# New to me PM 9



## BradS (Jun 11, 2009)

New to the forum, but not handguns. Just wanted to say hello to all, and thanks for posting problems, opinions, remidies, and recommendations. I read many articles and post concerning the PM9 before making a purchase. I originally planned on getting a PM40, but after taking into consideration the recoil, I opted for the 9mm. I tried several local shops, but had no luck. The closest I came was a CW 9, but waited until I found what I wanted. I finally located what I was looking for on one of the gyn boards.
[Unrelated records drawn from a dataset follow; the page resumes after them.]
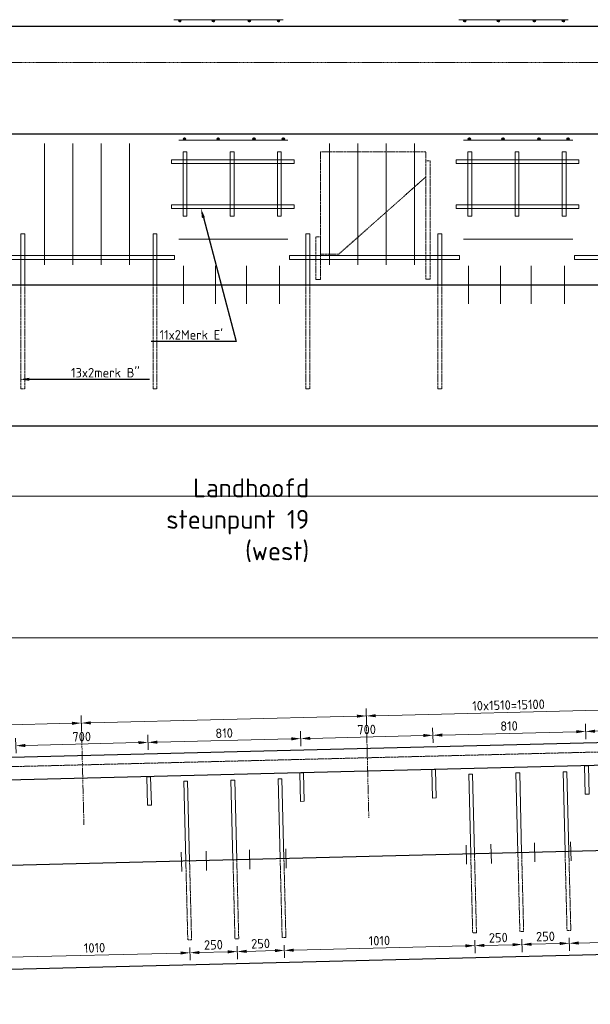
# Model space of a CAD drawing. Header units: millimetres. Extents: x -8028558 to 327273, y -63352 to 83293.
# Tile 182 of 195: x 293633 to 296656, y 5187 to 10398. Entities that reach past the tile are written whole.
import ezdxf
from ezdxf import colors
from ezdxf.entities.mleader import LeaderData, LeaderLine
from ezdxf.math import Vec2, Vec3

# ---------------------------------------------------------------- set-up
doc = ezdxf.new("R2010")
doc.units = ezdxf.units.MM
for name, pattern in [('NLCS-HIDDEN', [4, 2, -2]), ('XX-AFBREEK', [7, 4, -1, 1, -1]), ('XX-HART', [13, 4, -2, 1, -2, 4]), ('ZZ-HIDDEN-SO', [4, 2, -2])]:
    doc.linetypes.add(name, pattern=pattern)
for name, color, linetype, lineweight in [('B-CO-BC-AFBREEKLIJN-G', 7, 'XX-AFBREEK', 18), ('B-CO-BC-BETONVORM-GD', 90, 'Continuous', 25), ('B-CO-BC-BETONVORM-GN', 10, 'ZZ-HIDDEN-SO', 13), ('B-CO-BC-BETONVORM_GEWAPEND-T70', 210, 'Continuous', 70), ('B-CO-BC-STORTNAAD-GD', 10, 'BC-STORTNAAD', 25), ('B-CO-BC-WAPENING-GD', 130, 'Continuous', 25), ('B-CO-BC-WAPENING_HOOFDWAPENING-G', 170, 'Continuous', 18), ('B-CO-BC-WAPENING_HOOFDWAPENING-GN', 140, 'NLCS-HIDDEN', 13), ('B-CO-SC-STAALVORM-AD', 252, 'Continuous', 18), ('X-XX-AL-HARTLIJN-G', 7, 'XX-HART', 18), ('X-XX-AL-M', 7, 'Continuous', 18), ('X-XX-AL-VERWIJZING-T25', 7, 'Continuous', 25)]:
    doc.layers.add(name, color=color, linetype=linetype, lineweight=lineweight)
doc.styles.add('NLCS-ISO-MM20-T25', font='NLCS-ISO.ttf', dxfattribs={"height": 50})
doc.styles.add('NLCS-ISO-MM20-T50', font='NLCS-ISO.ttf', dxfattribs={"height": 100})
doc.linetypes.add('BC-STORTNAAD', pattern='A,15,-1,[175,NLCS.SHX,S=1,R=0,X=0,Y=0],-1', length=17)
doc.dimstyles.new('NLCS-MM20-T25-PIJL_L0_H4', dxfattribs={"dimscale": 20, "dimtxt": 2.5, "dimasz": 2.5, "dimexe": 2, "dimexo": 2, "dimgap": 0.7, "dimtad": 1, "dimdec": 0, "dimzin": 0, "dimdsep": 46, "dimtxsty": 'NLCS-ISO-MM20-T25', "dimcen": 0, "dimdle": 2, "dimclrd": 256, "dimclre": 256, "dimclrt": 256, "dimadec": 4, "dimazin": 0, "dimtfac": 1, "dimtdec": 3, "dimtofl": 0, "dimtmove": 0, "dimatfit": 3, "dimfxl": 2, "dimfxlon": 1, "dimtfillclr": 256, "dimtolj": 1, "dimtzin": 0, "dimlwd": -1, "dimlwe": -1, "dimarcsym": 0})
pattern_1 = [(45, (-25, 0), (-2.828427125, 2.828427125), []), (45, (-25, 2.4284), (-2.828427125, 2.828427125), []), (45, (-25, 2.5284), (-2.828427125, 2.828427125), []), (45, (-25, 2.6284), (-2.828427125, 2.828427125), [])]
pattern_2 = [(45, (0, 0), (-2.828427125, 2.828427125), []), (45, (0, 2.4284), (-2.828427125, 2.828427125), []), (45, (0, 2.5284), (-2.828427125, 2.828427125), []), (45, (0, 2.6284), (-2.828427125, 2.828427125), [])]

# ---------------------------------------------------------------- blocks, each defined once
blk = doc.blocks.new('*D1098')
at = {"layer": 'X-XX-AL-M', "transparency": 16777216}
for p, q in [((287393.2, 7086.2), (287393.2, 7166.2)), ((306353.2, 7086.2), (306353.2, 7166.2)), ((287443.2, 7126.2), (306303.2, 7126.2))]:
    blk.add_line(p, q, dxfattribs=at)
for points in [[(287443.2, 7134.6), (287443.2, 7117.9), (287393.2, 7126.2)], [(306303.2, 7134.6), (306303.2, 7117.9), (306353.2, 7126.2)]]:
    blk.add_solid(points, dxfattribs=at)
at = {"layer": 'X-XX-AL-M', "transparency": 16777216, "insert": (296873.2, 7165.2), "char_height": 50, "attachment_point": 5, "style": 'NLCS-ISO-MM20-T25'}
blk.add_mtext('\\A1;18960', dxfattribs=at)
blk = doc.blocks.new('*D1103')
at = {"layer": 'X-XX-AL-M', "transparency": 16777216}
for p, q in [((292451.3, 6597.6), (292449.3, 6677.6)), ((292500.3, 6638.8), (293909.8, 6674.1)), ((293960.8, 6635.3), (293958.8, 6715.3))]:
    blk.add_line(p, q, dxfattribs=at)
for points in [[(293909.6, 6682.4), (293910, 6665.7), (293959.8, 6675.3)], [(292500.1, 6647.2), (292500.5, 6630.5), (292450.3, 6637.6)]]:
    blk.add_solid(points, dxfattribs=at)
blk = doc.blocks.new('*D1104')
at = {"layer": 'X-XX-AL-M', "transparency": 16777216}
for p, q in [((295470.4, 6673.1), (295468.4, 6753.1)), ((293960.8, 6635.3), (293958.8, 6715.3)), ((294009.8, 6676.6), (295419.4, 6711.8))]:
    blk.add_line(p, q, dxfattribs=at)
for points in [[(294009.6, 6684.9), (294010, 6668.2), (293959.8, 6675.3)], [(295419.2, 6720.1), (295419.6, 6703.5), (295469.4, 6713.1)]]:
    blk.add_solid(points, dxfattribs=at)
blk = doc.blocks.new('*D1105')
at = {"layer": 'X-XX-AL-M', "transparency": 16777216}
for p, q in [((296979.9, 6710.8), (296977.9, 6790.8)), ((295470.4, 6673.1), (295468.4, 6753.1)), ((295519.3, 6714.3), (296928.9, 6749.6))]:
    blk.add_line(p, q, dxfattribs=at)
for points in [[(296928.7, 6757.9), (296929.1, 6741.2), (296978.9, 6750.8)], [(295519.1, 6722.6), (295519.5, 6706), (295469.4, 6713.1)]]:
    blk.add_solid(points, dxfattribs=at)
at = {"layer": 'X-XX-AL-M', "transparency": 16777216, "insert": (296223.1, 6770.9), "char_height": 50, "attachment_point": 5, "rotation": 1.4321, "style": 'NLCS-ISO-MM20-T25'}
blk.add_mtext('\\A1;10x1510=15100', dxfattribs=at)
blk = doc.blocks.new('*D1122')
at = {"layer": 'X-XX-AL-M', "transparency": 16777216}
for p, q in [((293613.6, 6515.5), (293611.6, 6595.4)), ((293662.6, 6556.7), (294262.4, 6571.7)), ((294313.4, 6533), (294311.4, 6612.9))]:
    blk.add_line(p, q, dxfattribs=at)
for points in [[(294262.2, 6580), (294262.6, 6563.4), (294312.4, 6573)], [(293662.4, 6565), (293662.8, 6548.4), (293612.6, 6555.5)]]:
    blk.add_solid(points, dxfattribs=at)
at = {"layer": 'X-XX-AL-M', "transparency": 16777216, "insert": (293961.5, 6603.2), "char_height": 50, "attachment_point": 5, "rotation": 1.4321, "style": 'NLCS-ISO-MM20-T25'}
blk.add_mtext('\\A1;700', dxfattribs=at)
blk = doc.blocks.new('*D1123')
at = {"layer": 'X-XX-AL-M', "transparency": 16777216}
for p, q in [((295123.1, 6553.2), (295121.1, 6633.2)), ((294313.4, 6533), (294311.4, 6612.9)), ((294362.3, 6574.2), (295072.1, 6591.9))]:
    blk.add_line(p, q, dxfattribs=at)
for points in [[(294362.1, 6582.5), (294362.6, 6565.9), (294312.4, 6573)], [(295071.9, 6600.3), (295072.3, 6583.6), (295122.1, 6593.2)]]:
    blk.add_solid(points, dxfattribs=at)
at = {"layer": 'X-XX-AL-M', "transparency": 16777216, "insert": (294716.3, 6622.1), "char_height": 50, "attachment_point": 5, "rotation": 1.4321, "style": 'NLCS-ISO-MM20-T25'}
blk.add_mtext('\\A1;810', dxfattribs=at)
blk = doc.blocks.new('*D1124')
at = {"layer": 'X-XX-AL-M', "transparency": 16777216}
for p, q in [((295123.1, 6553.2), (295121.1, 6633.2)), ((295822.9, 6570.7), (295820.9, 6650.7)), ((295172.1, 6594.4), (295771.9, 6609.4))]:
    blk.add_line(p, q, dxfattribs=at)
for points in [[(295171.9, 6602.8), (295172.3, 6586.1), (295122.1, 6593.2)], [(295771.7, 6617.8), (295772.1, 6601.1), (295821.9, 6610.7)]]:
    blk.add_solid(points, dxfattribs=at)
at = {"layer": 'X-XX-AL-M', "transparency": 16777216, "insert": (295471, 6640.9), "char_height": 50, "attachment_point": 5, "rotation": 1.4321, "style": 'NLCS-ISO-MM20-T25'}
blk.add_mtext('\\A1;700', dxfattribs=at)
blk = doc.blocks.new('*D1125')
at = {"layer": 'X-XX-AL-M', "transparency": 16777216}
for p, q in [((296632.6, 6590.9), (296630.6, 6670.9)), ((295822.9, 6570.7), (295820.9, 6650.7)), ((295871.9, 6611.9), (296581.7, 6629.7))]:
    blk.add_line(p, q, dxfattribs=at)
for points in [[(295871.7, 6620.3), (295872.1, 6603.6), (295821.9, 6610.7)], [(296581.4, 6638), (296581.9, 6621.4), (296631.6, 6630.9)]]:
    blk.add_solid(points, dxfattribs=at)
at = {"layer": 'X-XX-AL-M', "transparency": 16777216, "insert": (296225.8, 6659.8), "char_height": 50, "attachment_point": 5, "rotation": 1.4321, "style": 'NLCS-ISO-MM20-T25'}
blk.add_mtext('\\A1;810', dxfattribs=at)
blk = doc.blocks.new('*D1126')
at = {"layer": 'X-XX-AL-M', "transparency": 16777216}
for p, q in [((296632.6, 6590.9), (296630.6, 6670.9)), ((297332.4, 6608.4), (297330.4, 6688.4)), ((296681.6, 6632.2), (297281.4, 6647.2))]:
    blk.add_line(p, q, dxfattribs=at)
for points in [[(296681.4, 6640.5), (296681.8, 6623.9), (296631.6, 6630.9)], [(297281.2, 6655.5), (297281.6, 6638.8), (297331.4, 6648.4)]]:
    blk.add_solid(points, dxfattribs=at)
at = {"layer": 'X-XX-AL-M', "transparency": 16777216, "insert": (296980.6, 6678.7), "char_height": 50, "attachment_point": 5, "rotation": 1.4321, "style": 'NLCS-ISO-MM20-T25'}
blk.add_mtext('\\A1;700', dxfattribs=at)
blk = doc.blocks.new('*D1058')
at = {"layer": 'X-XX-AL-M', "transparency": 16777216}
for p, q in [((294534.6, 5487.6), (294536.3, 5419.6)), ((293524.9, 5462.4), (293526.6, 5394.3)), ((293575.6, 5435.6), (294485.3, 5458.3))]:
    blk.add_line(p, q, dxfattribs=at)
for points in [[(293575.4, 5443.9), (293575.8, 5427.2), (293525.6, 5434.3)], [(294485.1, 5466.6), (294485.5, 5450), (294535.3, 5459.6)]]:
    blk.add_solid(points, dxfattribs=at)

It was even local!!!!
I purchased a used PM9 with approx 150 rounds through it. It came with a total of 3 mags an uncle mike's IWB holster, which I will be replacing, and a box of Hornady Critical Defense rounds.. The serial # is IAxxxx.
I wanted to make sure it was not one of the earlier models. It has the matte stainless finish. I was very excited as I thought I found a good deal..All for approx.$450..I hope to get it out this weekend and see how it shoots.......


----------



## tekhead1219 (May 16, 2008)

Welcome from southeast Texas. Congrats on the purchase! We need some PICS!!:smt023


----------



## BradS (Jun 11, 2009)

Thanks for the welcome..I live in Central Texas... I will have to work on a pic.


----------



## oldscot3 (Jan 4, 2008)

Welcome, I also live in central Texas and have a Kahr. Mine's a K40 stainless with the black finish. It's a great gun and I'll bet you're going to love yours.


----------



## BradS (Jun 11, 2009)

A quick update... I got to the range this week and ran approximatley 150 rounds through it..No jams or anything. Very satisfied! Now I am looking for a holster for pocket carry.


----------